Stored entries:

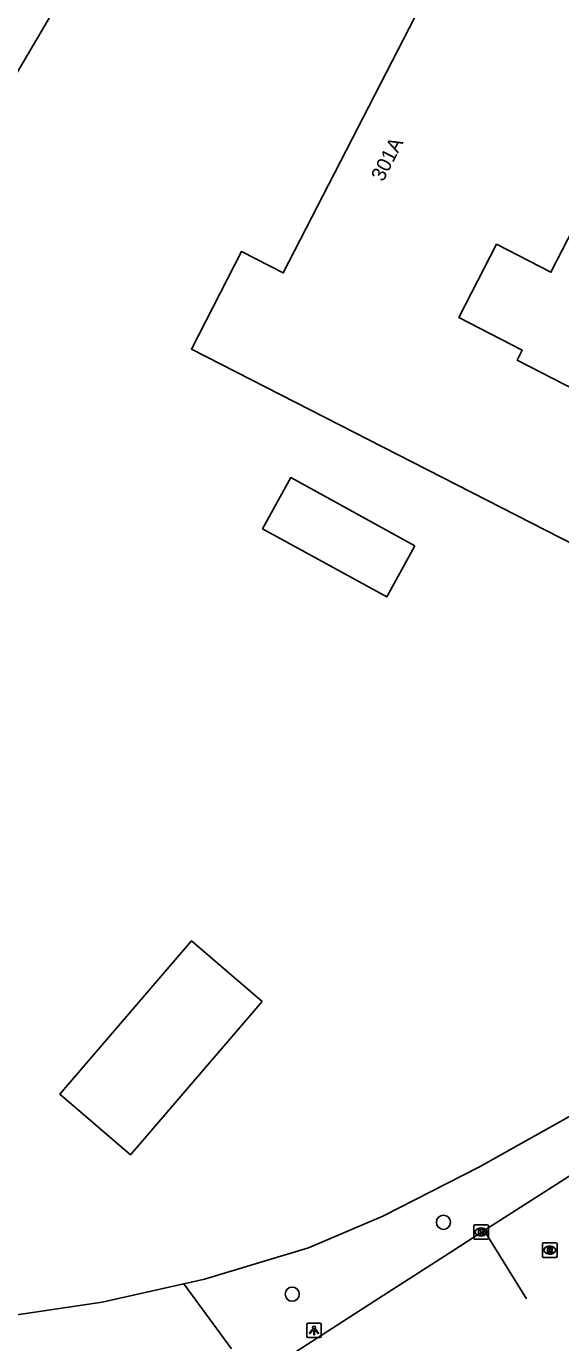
# Model space of a CAD drawing. Extents: x 160158 to 160921, y 381517 to 382041.
# Drawn here: x 160262.6 to 160299.5, y 381630.6 to 381721.4 of the extents above; entities that cross this region are included whole.
import ezdxf

# ---------------------------------------------------------------- set-up
doc = ezdxf.new("R2010")
doc.units = 0
for name, color, linetype in [('IMGEO_Boom', 7, 'Continuous'), ('IMGEO_Kolk', 7, 'Continuous'), ('IMGEO_Lichtpunt', 7, 'Continuous'), ('IMGEO_Muur', 7, 'Continuous'), ('IMGEO_Pand', 7, 'Continuous'), ('IMGEO_Pand_nummerreeks', 7, 'Continuous'), ('IMGEO_Parkeervlak_open', 7, 'Continuous'), ('IMGEO_Rijbaan_lokaal_gesloten', 7, 'Continuous'), ('IMGEO_Rijbaan_lokaal_open', 7, 'Continuous'), ('IMGEO_Rioolput', 7, 'Continuous'), ('IMGEO_Voetpad_open', 7, 'Continuous')]:
    doc.layers.add(name, color=color, linetype=linetype)

msp = doc.modelspace()

# ---------------------------------------------------------------- linework, layer by layer
at = {"layer": 'IMGEO_Boom'}
for centre in [(160291.387, 381638.886), (160280.954, 381633.925)]:
    msp.add_circle(centre, 0.489, dxfattribs=at)
at = {"layer": 'IMGEO_Kolk'}
for p, q in [((160293.486, 381637.787), (160293.486, 381638.639)), ((160293.561, 381638.713), (160294.413, 381638.713)), ((160293.974, 381638.493), (160293.999, 381638.493)), ((160294.487, 381638.639), (160294.487, 381637.787)), ((160294.413, 381637.713), (160293.561, 381637.713)), ((160293.997, 381637.933), (160293.972, 381637.933))]:
    msp.add_line(p, q, dxfattribs=at)
for points in [[(160293.486, 381637.787), (160293.486, 381638.639)], [(160293.561, 381638.713), (160294.413, 381638.713)], [(160293.807, 381638.413), (160293.93, 381638.413), (160293.93, 381638.262), (160294.06, 381638.413), (160294.224, 381638.413), (160294.078, 381638.262), (160294.231, 381638.013), (160294.079, 381638.013), (160293.994, 381638.177), (160293.93, 381638.11), (160293.93, 381638.013), (160293.807, 381638.013), (160293.807, 381638.413)], [(160294.487, 381638.639), (160294.487, 381637.787)], [(160294.413, 381637.713), (160293.561, 381637.713)]]:
    msp.add_lwpolyline(points, dxfattribs=at)
for centre, start, end in [((160293.563, 381638.637), 91.55205, 178.44795), ((160293.563, 381638.637), 91.55205, 178.44795), ((160294.411, 381638.637), 1.55205, 88.44795), ((160294.411, 381638.637), 1.55205, 88.44795), ((160293.563, 381637.789), 181.55205, 268.44795), ((160293.563, 381637.789), 181.55205, 268.44795), ((160294.411, 381637.789), 271.55205, 358.44795), ((160294.411, 381637.789), 271.55205, 358.44795)]:
    msp.add_arc(centre, 0.0765, start, end, dxfattribs=at)
for centre, major_axis, ratio, start_param, end_param in [((160293.973, 381638.213), (-0.387, 0.002), 0.722429, 4.712389, 7.853982), ((160293.998, 381638.213), (-0.39, 0.002), 0.717154, 1.570796, 4.712389)]:
    msp.add_ellipse(centre, major_axis=major_axis, ratio=ratio, start_param=start_param, end_param=end_param, dxfattribs=at)
at = {"layer": 'IMGEO_Lichtpunt'}
for p, q in [((160281.96, 381631.828), (160281.96, 381631.021)), ((160281.96, 381631.828), (160281.96, 381631.021)), ((160282.862, 381631.923), (160282.054, 381631.923)), ((160282.862, 381631.923), (160282.054, 381631.923)), ((160282.956, 381631.021), (160282.956, 381631.828)), ((160282.956, 381631.021), (160282.956, 381631.828)), ((160282.054, 381630.927), (160282.862, 381630.927)), ((160282.054, 381630.927), (160282.862, 381630.927))]:
    msp.add_line(p, q, dxfattribs=at)
for points in [[(160282.334, 381631.492), (160282.373, 381631.464), (160282.185, 381631.202), (160282.147, 381631.229), (160282.334, 381631.492)], [(160282.436, 381631.444), (160282.483, 381631.444), (160282.483, 381631.122), (160282.436, 381631.122), (160282.436, 381631.444)], [(160282.546, 381631.464), (160282.584, 381631.491), (160282.771, 381631.229), (160282.732, 381631.201), (160282.546, 381631.464)]]:
    msp.add_lwpolyline(points, dxfattribs=at)
msp.add_circle((160282.459, 381631.626), 0.0994, dxfattribs=at)
for centre, start, end in [((160282.054, 381631.828), 90, 180), ((160282.054, 381631.828), 90, 180), ((160282.862, 381631.828), 0, 90), ((160282.862, 381631.828), 0, 90), ((160282.054, 381631.021), 180, 270), ((160282.054, 381631.021), 180, 270), ((160282.862, 381631.021), 270, 0), ((160282.862, 381631.021), 270, 360)]:
    msp.add_arc(centre, 0.0946, start, end, dxfattribs=at)
at = {"layer": 'IMGEO_Muur'}
msp.add_lwpolyline([(160303.442, 381648.074), (160293.877, 381642.708), (160287.207, 381639.31), (160282.085, 381637.13), (160274.895, 381634.961), (160267.832, 381633.38), (160260.673, 381632.321)], dxfattribs=at)
at = {"layer": 'IMGEO_Pand'}
for points in [[(160307.608, 381681.94), (160273.993, 381699.123), (160277.451, 381705.859), (160280.332, 381704.379), (160290.186, 381723.569)], [(160264.508, 381722.515), (160261.97, 381718.208), (160260.488, 381715.692), (160258.076, 381717.114), (160255.727, 381712.974), (160252.671, 381714.765)], [(160306.254, 381694.228), (160305.063, 381694.84), (160304.703, 381694.138), (160296.476, 381698.363), (160296.83, 381699.051), (160292.452, 381701.299), (160295.05, 381706.358), (160298.809, 381704.428), (160303.907, 381714.356), (160312.795, 381709.793), (160312.418, 381709.057), (160313.565, 381708.468), (160306.254, 381694.228)], [(160289.414, 381685.552), (160287.474, 381682.024), (160278.913, 381686.73), (160280.853, 381690.259), (160289.414, 381685.552)], [(160278.874, 381654.109), (160274.008, 381658.297), (160264.915, 381647.73), (160269.782, 381643.543), (160278.874, 381654.109)]]:
    msp.add_lwpolyline(points, dxfattribs=at)
at = {"layer": 'IMGEO_Parkeervlak_open'}
msp.add_lwpolyline([(160273.476, 381634.643), (160267.832, 381633.38), (160260.673, 381632.321), (160254.538, 381631.736), (160246.171, 381631.2)], dxfattribs=at)
at = {"layer": 'IMGEO_Rijbaan_lokaal_gesloten'}
msp.add_lwpolyline([(160294.195, 381638.32), (160292.105, 381636.955), (160286.577, 381633.43), (160280.872, 381629.729)], dxfattribs=at)
at = {"layer": 'IMGEO_Rijbaan_lokaal_open'}
for points in [[(160313.889, 381650.901), (160294.195, 381638.32)], [(160294.195, 381638.32), (160297.121, 381633.596)]]:
    msp.add_lwpolyline(points, dxfattribs=at)
at = {"layer": 'IMGEO_Rioolput'}
for p, q in [((160298.225, 381636.54), (160298.225, 381637.392)), ((160298.3, 381637.466), (160299.152, 381637.466)), ((160298.713, 381637.246), (160298.738, 381637.246)), ((160299.226, 381637.392), (160299.226, 381636.54)), ((160299.152, 381636.466), (160298.3, 381636.466)), ((160298.736, 381636.686), (160298.711, 381636.686))]:
    msp.add_line(p, q, dxfattribs=at)
for points in [[(160298.225, 381636.54), (160298.225, 381637.392)], [(160298.3, 381637.466), (160299.152, 381637.466)], [(160299.226, 381637.392), (160299.226, 381636.54)], [(160299.152, 381636.466), (160298.3, 381636.466)], [(160298.814, 381637.164), (160298.562, 381637.166), (160298.562, 381636.766)], [(160298.562, 381636.766), (160298.686, 381636.766), (160298.686, 381636.928), (160298.697, 381636.928)], [(160298.74, 381637.085), (160298.686, 381637.085), (160298.686, 381637.004)], [(160298.686, 381637.004), (160298.738, 381637.004)], [(160298.744, 381636.899), (160298.815, 381636.766), (160298.955, 381636.766), (160298.89, 381636.892)]]:
    msp.add_lwpolyline(points, dxfattribs=at)
for centre, radius, start, end in [((160298.302, 381637.39), 0.0765, 91.55205, 178.44795), ((160298.302, 381637.39), 0.0765, 91.55205, 178.44795), ((160299.15, 381637.39), 0.0765, 1.55205, 88.44795), ((160299.15, 381637.39), 0.0765, 1.55205, 88.44795), ((160298.302, 381636.542), 0.0765, 181.55205, 268.44795), ((160298.302, 381636.542), 0.0765, 181.55205, 268.44795), ((160298.696, 381636.875), 0.0533, 26.02933, 88.69889), ((160298.722, 381637.193), 0.19, 274.7715, 282.96867), ((160298.746, 381636.989), 0.0964, 77.00612, 93.18647), ((160298.76, 381637.046), 0.0378, 276.66336, 79.67722), ((160298.813, 381637.054), 0.109, 350.36119, 89.41601), ((160298.811, 381637.054), 0.112, 277.58423, 350.98172), ((160298.795, 381636.839), 0.108, 29.51342, 73.79051), ((160299.15, 381636.542), 0.0765, 271.55205, 358.44795), ((160299.15, 381636.542), 0.0765, 271.55205, 358.44795)]:
    msp.add_arc(centre, radius, start, end, dxfattribs=at)
for centre, major_axis, ratio, start_param, end_param in [((160298.712, 381636.966), (-0.387, 0.002), 0.722429, 4.712389, 7.853982), ((160298.737, 381636.966), (-0.39, 0.002), 0.717154, 1.570796, 4.712389)]:
    msp.add_ellipse(centre, major_axis=major_axis, ratio=ratio, start_param=start_param, end_param=end_param, dxfattribs=at)
at = {"layer": 'IMGEO_Voetpad_open'}
for points in [[(160369.922, 381690.69), (160360.83, 381685.003), (160360.513, 381685.494), (160355.37, 381682.336), (160355.613, 381681.967), (160335.072, 381668.419), (160315.003, 381655.51), (160303.442, 381648.074), (160293.877, 381642.708), (160287.207, 381639.31), (160282.085, 381637.13), (160274.895, 381634.961), (160273.476, 381634.643)], [(160273.476, 381634.643), (160276.764, 381630.165)]]:
    msp.add_lwpolyline(points, dxfattribs=at)

# ---------------------------------------------------------------- texts
at = {"layer": 'IMGEO_Pand_nummerreeks'}
msp.add_text('301A', height=1, rotation=62.81909, dxfattribs=at).set_placement((160287.226, 381710.622))

doc.saveas('drawing.dxf')

Task to carry out:
Using the entries, return every line where the word "drawing" can be found.

Problem solution:
# Model space of a CAD drawing. Extents: x 160158 to 160921, y 381517 to 382041.
doc.saveas('drawing.dxf')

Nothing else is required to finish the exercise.